→ **WHAT TO PRODUCE**
The reply must consist of the lines from the first line of the records through the line containing "for name, color, linetype", copied exactly, with every picture omitted.

→ **SUPPLIED DATA**
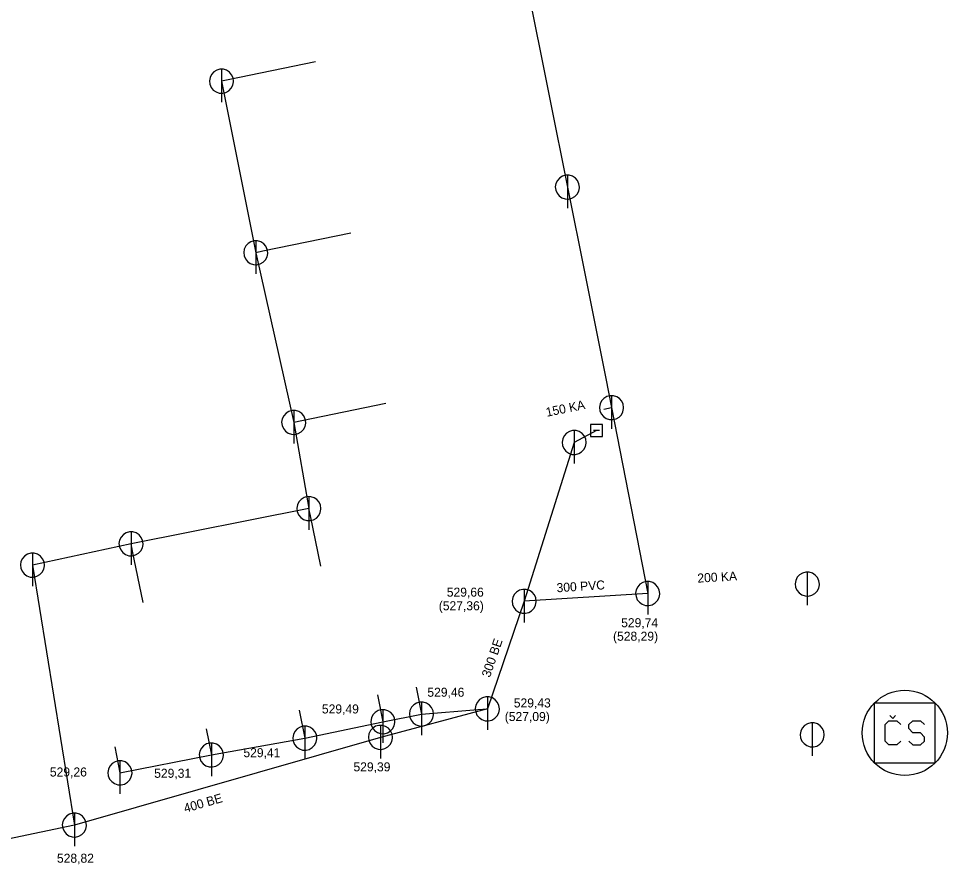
# Model space of a CAD drawing. Extents: x -476058 to -471893, y -1155786 to -1152000.
# Drawn here: x -473406.3 to -473329.3, y -1153901.3 to -1153831.2 of the extents above; entities that cross this region are included whole.
import ezdxf

# ---------------------------------------------------------------- set-up
doc = ezdxf.new("R2010")
doc.units = 0
for name, color, linetype in [('Vrstva 10', 7, 'Continuous'), ('Vrstva 11', 7, 'Continuous'), ('Vrstva 18', 7, 'Continuous'), ('Vrstva 19', 7, 'Continuous'), ('Vrstva 3', 7, 'Continuous'), ('Vrstva 35', 7, 'Continuous'), ('Vrstva 4', 7, 'Continuous'), ('Vrstva 45', 7, 'Continuous'), ('Vrstva 46', 7, 'Continuous'), ('Vrstva 50', 7, 'Continuous')]:
    doc.layers.add(name, color=color, linetype=linetype)

msp = doc.modelspace()

# ---------------------------------------------------------------- linework, layer by layer
at = {"layer": 'Vrstva 10'}
for p, q in [((-473389.52, -1153835.35), (-473389.52, -1153838.098)), ((-473360.833, -1153844.134), (-473360.833, -1153846.882)), ((-473386.68, -1153849.58), (-473386.68, -1153852.328)), ((-473357.167, -1153862.434), (-473357.167, -1153865.182)), ((-473383.53, -1153863.66), (-473383.53, -1153866.408)), ((-473357.925, -1153864.834), (-473358.925, -1153864.834)), ((-473358.925, -1153864.834), (-473358.925, -1153865.834)), ((-473357.925, -1153865.834), (-473357.925, -1153864.834)), ((-473360.268, -1153865.323), (-473360.268, -1153868.071)), ((-473358.925, -1153865.834), (-473357.925, -1153865.834)), ((-473358.175, -1153865.334), (-473358.675, -1153865.334)), ((-473382.27, -1153870.81), (-473382.27, -1153873.558)), ((-473397.02, -1153873.73), (-473397.02, -1153876.478)), ((-473405.2, -1153875.5), (-473405.2, -1153878.248)), ((-473340.934, -1153877.07), (-473340.934, -1153879.818)), ((-473354.173, -1153877.852), (-473354.173, -1153880.6)), ((-473364.413, -1153878.5), (-473364.413, -1153881.248)), ((-473367.47, -1153887.42), (-473367.47, -1153890.168)), ((-473372.936, -1153887.855), (-473372.936, -1153890.603)), ((-473376.138, -1153888.487), (-473376.138, -1153891.235)), ((-473376.337, -1153889.789), (-473376.337, -1153892.537)), ((-473340.524, -1153889.579), (-473340.524, -1153892.327)), ((-473382.608, -1153889.855), (-473382.608, -1153892.603)), ((-473390.36, -1153891.25), (-473390.36, -1153893.998)), ((-473397.94, -1153892.73), (-473397.94, -1153895.478)), ((-473401.72, -1153897.07), (-473401.72, -1153899.818))]:
    msp.add_line(p, q, dxfattribs=at)
for points in [[(-473388.52, -1153836.35), (-473388.559, -1153836.071), (-473388.676, -1153835.814), (-473388.859, -1153835.599), (-473389.095, -1153835.445), (-473389.365, -1153835.362), (-473389.647, -1153835.358), (-473389.919, -1153835.433), (-473390.159, -1153835.581), (-473390.349, -1153835.79), (-473390.472, -1153836.044), (-473390.52, -1153836.322), (-473390.488, -1153836.603), (-473390.379, -1153836.863), (-473390.201, -1153837.082), (-473389.97, -1153837.244), (-473389.702, -1153837.334), (-473389.42, -1153837.346), (-473389.146, -1153837.278), (-473388.902, -1153837.137), (-473388.707, -1153836.933), (-473388.577, -1153836.683), (-473388.521, -1153836.406), (-473388.52, -1153836.35)], [(-473359.833, -1153845.134), (-473359.872, -1153844.855), (-473359.989, -1153844.598), (-473360.172, -1153844.383), (-473360.408, -1153844.229), (-473360.678, -1153844.146), (-473360.96, -1153844.142), (-473361.232, -1153844.217), (-473361.472, -1153844.365), (-473361.662, -1153844.574), (-473361.785, -1153844.828), (-473361.833, -1153845.106), (-473361.801, -1153845.387), (-473361.692, -1153845.647), (-473361.514, -1153845.866), (-473361.283, -1153846.028), (-473361.015, -1153846.118), (-473360.733, -1153846.13), (-473360.459, -1153846.062), (-473360.215, -1153845.921), (-473360.02, -1153845.717), (-473359.89, -1153845.467), (-473359.834, -1153845.19), (-473359.833, -1153845.134)], [(-473385.68, -1153850.58), (-473385.719, -1153850.301), (-473385.836, -1153850.044), (-473386.019, -1153849.829), (-473386.255, -1153849.675), (-473386.525, -1153849.592), (-473386.807, -1153849.588), (-473387.079, -1153849.663), (-473387.319, -1153849.811), (-473387.509, -1153850.02), (-473387.632, -1153850.274), (-473387.68, -1153850.552), (-473387.648, -1153850.833), (-473387.539, -1153851.093), (-473387.361, -1153851.312), (-473387.13, -1153851.474), (-473386.862, -1153851.564), (-473386.58, -1153851.576), (-473386.306, -1153851.508), (-473386.062, -1153851.367), (-473385.867, -1153851.163), (-473385.737, -1153850.913), (-473385.681, -1153850.636), (-473385.68, -1153850.58)], [(-473356.167, -1153863.434), (-473356.206, -1153863.155), (-473356.323, -1153862.898), (-473356.506, -1153862.683), (-473356.742, -1153862.529), (-473357.012, -1153862.446), (-473357.294, -1153862.442), (-473357.566, -1153862.517), (-473357.806, -1153862.665), (-473357.996, -1153862.874), (-473358.119, -1153863.128), (-473358.167, -1153863.406), (-473358.135, -1153863.687), (-473358.026, -1153863.947), (-473357.848, -1153864.166), (-473357.617, -1153864.328), (-473357.349, -1153864.418), (-473357.067, -1153864.43), (-473356.793, -1153864.362), (-473356.549, -1153864.221), (-473356.354, -1153864.017), (-473356.224, -1153863.767), (-473356.168, -1153863.49), (-473356.167, -1153863.434)], [(-473382.53, -1153864.66), (-473382.569, -1153864.381), (-473382.686, -1153864.124), (-473382.869, -1153863.909), (-473383.105, -1153863.755), (-473383.375, -1153863.672), (-473383.657, -1153863.668), (-473383.929, -1153863.743), (-473384.169, -1153863.891), (-473384.359, -1153864.1), (-473384.482, -1153864.354), (-473384.53, -1153864.632), (-473384.498, -1153864.913), (-473384.389, -1153865.173), (-473384.211, -1153865.392), (-473383.98, -1153865.554), (-473383.712, -1153865.644), (-473383.43, -1153865.656), (-473383.156, -1153865.588), (-473382.912, -1153865.447), (-473382.717, -1153865.243), (-473382.587, -1153864.993), (-473382.531, -1153864.716), (-473382.53, -1153864.66)], [(-473359.268, -1153866.323), (-473359.307, -1153866.044), (-473359.424, -1153865.787), (-473359.607, -1153865.572), (-473359.843, -1153865.418), (-473360.113, -1153865.335), (-473360.395, -1153865.331), (-473360.667, -1153865.406), (-473360.907, -1153865.554), (-473361.097, -1153865.763), (-473361.22, -1153866.017), (-473361.268, -1153866.295), (-473361.236, -1153866.576), (-473361.127, -1153866.836), (-473360.949, -1153867.055), (-473360.718, -1153867.217), (-473360.45, -1153867.307), (-473360.168, -1153867.319), (-473359.894, -1153867.251), (-473359.65, -1153867.11), (-473359.455, -1153866.906), (-473359.325, -1153866.656), (-473359.269, -1153866.379), (-473359.268, -1153866.323)], [(-473381.27, -1153871.81), (-473381.309, -1153871.531), (-473381.426, -1153871.274), (-473381.609, -1153871.059), (-473381.845, -1153870.905), (-473382.115, -1153870.822), (-473382.397, -1153870.818), (-473382.669, -1153870.893), (-473382.909, -1153871.041), (-473383.099, -1153871.25), (-473383.222, -1153871.504), (-473383.27, -1153871.782), (-473383.238, -1153872.063), (-473383.129, -1153872.323), (-473382.951, -1153872.542), (-473382.72, -1153872.704), (-473382.452, -1153872.794), (-473382.17, -1153872.806), (-473381.896, -1153872.738), (-473381.652, -1153872.597), (-473381.457, -1153872.393), (-473381.327, -1153872.143), (-473381.271, -1153871.866), (-473381.27, -1153871.81)], [(-473396.02, -1153874.73), (-473396.059, -1153874.451), (-473396.176, -1153874.194), (-473396.359, -1153873.979), (-473396.595, -1153873.825), (-473396.865, -1153873.742), (-473397.147, -1153873.738), (-473397.419, -1153873.813), (-473397.659, -1153873.961), (-473397.849, -1153874.17), (-473397.972, -1153874.424), (-473398.02, -1153874.702), (-473397.988, -1153874.983), (-473397.879, -1153875.243), (-473397.701, -1153875.462), (-473397.47, -1153875.624), (-473397.202, -1153875.714), (-473396.92, -1153875.726), (-473396.646, -1153875.658), (-473396.402, -1153875.517), (-473396.207, -1153875.313), (-473396.077, -1153875.063), (-473396.021, -1153874.786), (-473396.02, -1153874.73)], [(-473404.2, -1153876.5), (-473404.239, -1153876.221), (-473404.356, -1153875.964), (-473404.539, -1153875.749), (-473404.775, -1153875.595), (-473405.045, -1153875.512), (-473405.327, -1153875.508), (-473405.599, -1153875.583), (-473405.839, -1153875.731), (-473406.029, -1153875.94), (-473406.152, -1153876.194), (-473406.2, -1153876.472), (-473406.168, -1153876.753), (-473406.059, -1153877.013), (-473405.881, -1153877.232), (-473405.65, -1153877.394), (-473405.382, -1153877.484), (-473405.1, -1153877.496), (-473404.826, -1153877.428), (-473404.582, -1153877.287), (-473404.387, -1153877.083), (-473404.257, -1153876.833), (-473404.201, -1153876.556), (-473404.2, -1153876.5)], [(-473339.934, -1153878.07), (-473339.973, -1153877.791), (-473340.09, -1153877.534), (-473340.273, -1153877.319), (-473340.509, -1153877.165), (-473340.779, -1153877.082), (-473341.061, -1153877.078), (-473341.333, -1153877.153), (-473341.573, -1153877.301), (-473341.763, -1153877.51), (-473341.886, -1153877.764), (-473341.934, -1153878.042), (-473341.902, -1153878.323), (-473341.793, -1153878.583), (-473341.615, -1153878.802), (-473341.384, -1153878.964), (-473341.116, -1153879.054), (-473340.834, -1153879.066), (-473340.56, -1153878.998), (-473340.316, -1153878.857), (-473340.121, -1153878.653), (-473339.991, -1153878.403), (-473339.935, -1153878.126), (-473339.934, -1153878.07)], [(-473353.173, -1153878.852), (-473353.212, -1153878.573), (-473353.329, -1153878.316), (-473353.512, -1153878.101), (-473353.748, -1153877.947), (-473354.018, -1153877.864), (-473354.3, -1153877.86), (-473354.572, -1153877.935), (-473354.812, -1153878.083), (-473355.002, -1153878.292), (-473355.125, -1153878.546), (-473355.173, -1153878.824), (-473355.141, -1153879.105), (-473355.032, -1153879.365), (-473354.854, -1153879.584), (-473354.623, -1153879.746), (-473354.355, -1153879.836), (-473354.073, -1153879.848), (-473353.799, -1153879.78), (-473353.555, -1153879.639), (-473353.36, -1153879.435), (-473353.23, -1153879.185), (-473353.174, -1153878.908), (-473353.173, -1153878.852)], [(-473363.413, -1153879.5), (-473363.452, -1153879.221), (-473363.569, -1153878.964), (-473363.752, -1153878.749), (-473363.988, -1153878.595), (-473364.258, -1153878.512), (-473364.54, -1153878.508), (-473364.812, -1153878.583), (-473365.052, -1153878.731), (-473365.242, -1153878.94), (-473365.365, -1153879.194), (-473365.413, -1153879.472), (-473365.381, -1153879.753), (-473365.272, -1153880.013), (-473365.094, -1153880.232), (-473364.863, -1153880.394), (-473364.595, -1153880.484), (-473364.313, -1153880.496), (-473364.039, -1153880.428), (-473363.795, -1153880.287), (-473363.6, -1153880.083), (-473363.47, -1153879.833), (-473363.414, -1153879.556), (-473363.413, -1153879.5)], [(-473366.47, -1153888.42), (-473366.509, -1153888.141), (-473366.626, -1153887.884), (-473366.809, -1153887.669), (-473367.045, -1153887.515), (-473367.315, -1153887.432), (-473367.597, -1153887.428), (-473367.869, -1153887.503), (-473368.109, -1153887.651), (-473368.299, -1153887.86), (-473368.422, -1153888.114), (-473368.47, -1153888.392), (-473368.438, -1153888.673), (-473368.329, -1153888.933), (-473368.151, -1153889.152), (-473367.92, -1153889.314), (-473367.652, -1153889.404), (-473367.37, -1153889.416), (-473367.096, -1153889.348), (-473366.852, -1153889.207), (-473366.657, -1153889.003), (-473366.527, -1153888.753), (-473366.471, -1153888.476), (-473366.47, -1153888.42)], [(-473371.936, -1153888.855), (-473371.975, -1153888.576), (-473372.092, -1153888.319), (-473372.275, -1153888.104), (-473372.511, -1153887.95), (-473372.781, -1153887.867), (-473373.063, -1153887.863), (-473373.335, -1153887.938), (-473373.575, -1153888.086), (-473373.765, -1153888.295), (-473373.888, -1153888.549), (-473373.936, -1153888.827), (-473373.904, -1153889.108), (-473373.795, -1153889.368), (-473373.617, -1153889.587), (-473373.386, -1153889.749), (-473373.118, -1153889.839), (-473372.836, -1153889.851), (-473372.562, -1153889.783), (-473372.318, -1153889.642), (-473372.123, -1153889.438), (-473371.993, -1153889.188), (-473371.937, -1153888.911), (-473371.936, -1153888.855)], [(-473375.138, -1153889.487), (-473375.177, -1153889.208), (-473375.294, -1153888.951), (-473375.477, -1153888.736), (-473375.713, -1153888.582), (-473375.983, -1153888.499), (-473376.265, -1153888.495), (-473376.537, -1153888.57), (-473376.777, -1153888.718), (-473376.967, -1153888.927), (-473377.09, -1153889.181), (-473377.138, -1153889.459), (-473377.106, -1153889.74), (-473376.997, -1153890), (-473376.819, -1153890.219), (-473376.588, -1153890.381), (-473376.32, -1153890.471), (-473376.038, -1153890.483), (-473375.764, -1153890.415), (-473375.52, -1153890.274), (-473375.325, -1153890.07), (-473375.195, -1153889.82), (-473375.139, -1153889.543), (-473375.138, -1153889.487)], [(-473375.337, -1153890.789), (-473375.376, -1153890.51), (-473375.493, -1153890.253), (-473375.676, -1153890.038), (-473375.912, -1153889.884), (-473376.182, -1153889.801), (-473376.464, -1153889.797), (-473376.736, -1153889.872), (-473376.976, -1153890.02), (-473377.166, -1153890.229), (-473377.289, -1153890.483), (-473377.337, -1153890.761), (-473377.305, -1153891.042), (-473377.196, -1153891.302), (-473377.018, -1153891.521), (-473376.787, -1153891.683), (-473376.519, -1153891.773), (-473376.237, -1153891.785), (-473375.963, -1153891.717), (-473375.719, -1153891.576), (-473375.524, -1153891.372), (-473375.394, -1153891.122), (-473375.338, -1153890.845), (-473375.337, -1153890.789)], [(-473339.524, -1153890.579), (-473339.563, -1153890.3), (-473339.68, -1153890.043), (-473339.863, -1153889.828), (-473340.099, -1153889.674), (-473340.369, -1153889.591), (-473340.651, -1153889.587), (-473340.923, -1153889.662), (-473341.163, -1153889.81), (-473341.353, -1153890.019), (-473341.476, -1153890.273), (-473341.524, -1153890.551), (-473341.492, -1153890.832), (-473341.383, -1153891.092), (-473341.205, -1153891.311), (-473340.974, -1153891.473), (-473340.706, -1153891.563), (-473340.424, -1153891.575), (-473340.15, -1153891.507), (-473339.906, -1153891.366), (-473339.711, -1153891.162), (-473339.581, -1153890.912), (-473339.525, -1153890.635), (-473339.524, -1153890.579)], [(-473381.608, -1153890.855), (-473381.647, -1153890.576), (-473381.764, -1153890.319), (-473381.947, -1153890.104), (-473382.183, -1153889.95), (-473382.453, -1153889.867), (-473382.735, -1153889.863), (-473383.007, -1153889.938), (-473383.247, -1153890.086), (-473383.437, -1153890.295), (-473383.56, -1153890.549), (-473383.608, -1153890.827), (-473383.576, -1153891.108), (-473383.467, -1153891.368), (-473383.289, -1153891.587), (-473383.058, -1153891.749), (-473382.79, -1153891.839), (-473382.508, -1153891.851), (-473382.234, -1153891.783), (-473381.99, -1153891.642), (-473381.795, -1153891.438), (-473381.665, -1153891.188), (-473381.609, -1153890.911), (-473381.608, -1153890.855)], [(-473389.36, -1153892.25), (-473389.399, -1153891.971), (-473389.516, -1153891.714), (-473389.699, -1153891.499), (-473389.935, -1153891.345), (-473390.205, -1153891.262), (-473390.487, -1153891.258), (-473390.759, -1153891.333), (-473390.999, -1153891.481), (-473391.189, -1153891.69), (-473391.312, -1153891.944), (-473391.36, -1153892.222), (-473391.328, -1153892.503), (-473391.219, -1153892.763), (-473391.041, -1153892.982), (-473390.81, -1153893.144), (-473390.542, -1153893.234), (-473390.26, -1153893.246), (-473389.986, -1153893.178), (-473389.742, -1153893.037), (-473389.547, -1153892.833), (-473389.417, -1153892.583), (-473389.361, -1153892.306), (-473389.36, -1153892.25)], [(-473396.94, -1153893.73), (-473396.979, -1153893.451), (-473397.096, -1153893.194), (-473397.279, -1153892.979), (-473397.515, -1153892.825), (-473397.785, -1153892.742), (-473398.067, -1153892.738), (-473398.339, -1153892.813), (-473398.579, -1153892.961), (-473398.769, -1153893.17), (-473398.892, -1153893.424), (-473398.94, -1153893.702), (-473398.908, -1153893.983), (-473398.799, -1153894.243), (-473398.621, -1153894.462), (-473398.39, -1153894.624), (-473398.122, -1153894.714), (-473397.84, -1153894.726), (-473397.566, -1153894.658), (-473397.322, -1153894.517), (-473397.127, -1153894.313), (-473396.997, -1153894.063), (-473396.941, -1153893.786), (-473396.94, -1153893.73)], [(-473400.72, -1153898.07), (-473400.759, -1153897.791), (-473400.876, -1153897.534), (-473401.059, -1153897.319), (-473401.295, -1153897.165), (-473401.565, -1153897.082), (-473401.847, -1153897.078), (-473402.119, -1153897.153), (-473402.359, -1153897.301), (-473402.549, -1153897.51), (-473402.672, -1153897.764), (-473402.72, -1153898.042), (-473402.688, -1153898.323), (-473402.579, -1153898.583), (-473402.401, -1153898.802), (-473402.17, -1153898.964), (-473401.902, -1153899.054), (-473401.62, -1153899.066), (-473401.346, -1153898.998), (-473401.102, -1153898.857), (-473400.907, -1153898.653), (-473400.777, -1153898.403), (-473400.721, -1153898.126), (-473400.72, -1153898.07)]]:
    msp.add_lwpolyline(points, dxfattribs=at)
at = {"layer": 'Vrstva 11'}
for p, q in [((-473335.348, -1153887.918), (-473330.348, -1153887.918)), ((-473335.348, -1153892.918), (-473335.348, -1153887.918)), ((-473330.348, -1153887.918), (-473330.348, -1153892.918)), ((-473330.348, -1153892.918), (-473335.348, -1153892.918))]:
    msp.add_line(p, q, dxfattribs=at)
for points in [[(-473333.848, -1153889.213), (-473334.084, -1153888.977)], [(-473333.848, -1153889.213), (-473333.612, -1153888.977)], [(-473333.171, -1153891.103), (-473333.502, -1153891.418), (-473334.163, -1153891.418), (-473334.478, -1153891.103), (-473334.478, -1153889.733), (-473334.163, -1153889.418), (-473333.502, -1153889.418), (-473333.171, -1153889.733)], [(-473332.51, -1153891.103), (-473332.195, -1153891.418), (-473331.534, -1153891.418), (-473331.203, -1153891.103), (-473331.203, -1153890.772), (-473331.534, -1153890.41), (-473332.195, -1153890.41), (-473332.51, -1153890.064), (-473332.51, -1153889.733), (-473332.195, -1153889.418), (-473331.534, -1153889.418), (-473331.203, -1153889.733)]]:
    msp.add_lwpolyline(points, dxfattribs=at)
msp.add_circle((-473332.849, -1153890.419), 3.536, dxfattribs=at)
at = {"layer": 'Vrstva 35'}
for points in [[(-473389.52, -1153836.35), (-473386.68, -1153850.58)], [(-473386.68, -1153850.58), (-473383.53, -1153864.66)], [(-473383.53, -1153864.66), (-473382.27, -1153871.81)], [(-473382.27, -1153871.81), (-473397.02, -1153874.73)], [(-473397.02, -1153874.73), (-473405.2, -1153876.5)], [(-473405.2, -1153876.5), (-473401.72, -1153898.07)]]:
    msp.add_lwpolyline(points, dxfattribs=at)
at = {"layer": 'Vrstva 45'}
for points in [[(-473354.173, -1153878.852), (-473364.413, -1153879.5)], [(-473364.413, -1153879.5), (-473367.47, -1153888.42)], [(-473367.47, -1153888.42), (-473376.337, -1153890.789)], [(-473376.337, -1153890.789), (-473401.72, -1153898.07)], [(-473401.72, -1153898.07), (-473410.56, -1153899.92)]]:
    msp.add_lwpolyline(points, dxfattribs=at)
at = {"layer": 'Vrstva 46'}
for points in [[(-473364.287, -1153827.895), (-473362.297, -1153837.829)], [(-473362.297, -1153837.829), (-473360.833, -1153845.134)], [(-473360.833, -1153845.134), (-473359.37, -1153852.439)], [(-473359.37, -1153852.439), (-473357.654, -1153861.004)], [(-473357.654, -1153861.004), (-473357.167, -1153863.434)], [(-473357.799, -1153863.563), (-473357.167, -1153863.434)], [(-473357.167, -1153863.434), (-473354.173, -1153878.852)]]:
    msp.add_lwpolyline(points, dxfattribs=at)
at = {"layer": 'Vrstva 50'}
for p, q in [((-473373.38, -1153886.619), (-473372.936, -1153888.855)), ((-473376.582, -1153887.256), (-473376.138, -1153889.487)), ((-473383.068, -1153888.545), (-473382.608, -1153890.855)), ((-473390.791, -1153890.081), (-473390.36, -1153892.25))]:
    msp.add_line(p, q, dxfattribs=at)
for points in [[(-473381.709, -1153834.749), (-473388.976, -1153836.238), (-473389.52, -1153836.35)], [(-473378.795, -1153848.964), (-473386.09, -1153850.459), (-473386.68, -1153850.58)], [(-473375.898, -1153863.094), (-473382.85, -1153864.521), (-473383.53, -1153864.66)], [(-473358.425, -1153865.334), (-473360.268, -1153866.323), (-473364.244, -1153878.964), (-473364.413, -1153879.5)], [(-473381.288, -1153876.584), (-473382.149, -1153872.396), (-473382.27, -1153871.81)], [(-473396.015, -1153879.612), (-473396.895, -1153875.337), (-473397.02, -1153874.73)], [(-473376.138, -1153889.487), (-473372.936, -1153888.855)], [(-473372.936, -1153888.855), (-473368.265, -1153888.483), (-473367.47, -1153888.42)], [(-473382.608, -1153890.855), (-473376.138, -1153889.487)], [(-473390.36, -1153892.25), (-473382.608, -1153890.855)], [(-473398.366, -1153891.587), (-473397.94, -1153893.73), (-473390.36, -1153892.25)]]:
    msp.add_lwpolyline(points, dxfattribs=at)

# ---------------------------------------------------------------- texts
at = {"layer": 'Vrstva 18'}
for s, rotation, p in [('300 PVC', 3.62092, (-473361.705, -1153878.755)), ('300 BE', 71.08274, (-473367.258, -1153885.868)), ('400 BE', 16.0053, (-473392.527, -1153897.049))]:
    msp.add_text(s, height=0.75, rotation=rotation, dxfattribs=at).set_placement(p)
at = {"layer": 'Vrstva 19'}
for s, rotation, p in [('150 KA', 11.59286, (-473362.537, -1153864.194)), ('200 KA', 3.38193, (-473350.029, -1153877.956))]:
    msp.add_text(s, height=0.75, rotation=rotation, dxfattribs=at).set_placement(p)
at = {"layer": 'Vrstva 3'}
for s, p in [('529,66', (-473370.834, -1153879.116)), ('529,74', (-473356.374, -1153881.652)), ('529,46', (-473372.444, -1153887.418)), ('529,49', (-473381.192, -1153888.806)), ('529,43', (-473365.278, -1153888.307)), ('529,41', (-473387.702, -1153892.436)), ('529,39', (-473378.574, -1153893.61)), ('529,26', (-473403.752, -1153894.037)), ('529,31', (-473395.103, -1153894.144)), ('528,82', (-473403.166, -1153901.191))]:
    msp.add_text(s, height=0.75, dxfattribs=at).set_placement(p)
at = {"layer": 'Vrstva 4'}
for s, p in [('(527,36)', (-473371.5, -1153880.245)), ('(528,29)', (-473357.046, -1153882.772)), ('(527,09)', (-473366.026, -1153889.435))]:
    msp.add_text(s, height=0.75, dxfattribs=at).set_placement(p)

doc.saveas('drawing.dxf')

→ **EXERCISE ANSWER**
# Model space of a CAD drawing. Extents: x -476058 to -471893, y -1155786 to -1152000.
# Drawn here: x -473406.3 to -473329.3, y -1153901.3 to -1153831.2 of the extents above; entities that cross this region are included whole.
import ezdxf

# ---------------------------------------------------------------- set-up
doc = ezdxf.new("R2010")
doc.units = 0
for name, color, linetype in [('Vrstva 10', 7, 'Continuous'), ('Vrstva 11', 7, 'Continuous'), ('Vrstva 18', 7, 'Continuous'), ('Vrstva 19', 7, 'Continuous'), ('Vrstva 3', 7, 'Continuous'), ('Vrstva 35', 7, 'Continuous'), ('Vrstva 4', 7, 'Continuous'), ('Vrstva 45', 7, 'Continuous'), ('Vrstva 46', 7, 'Continuous'), ('Vrstva 50', 7, 'Continuous')]:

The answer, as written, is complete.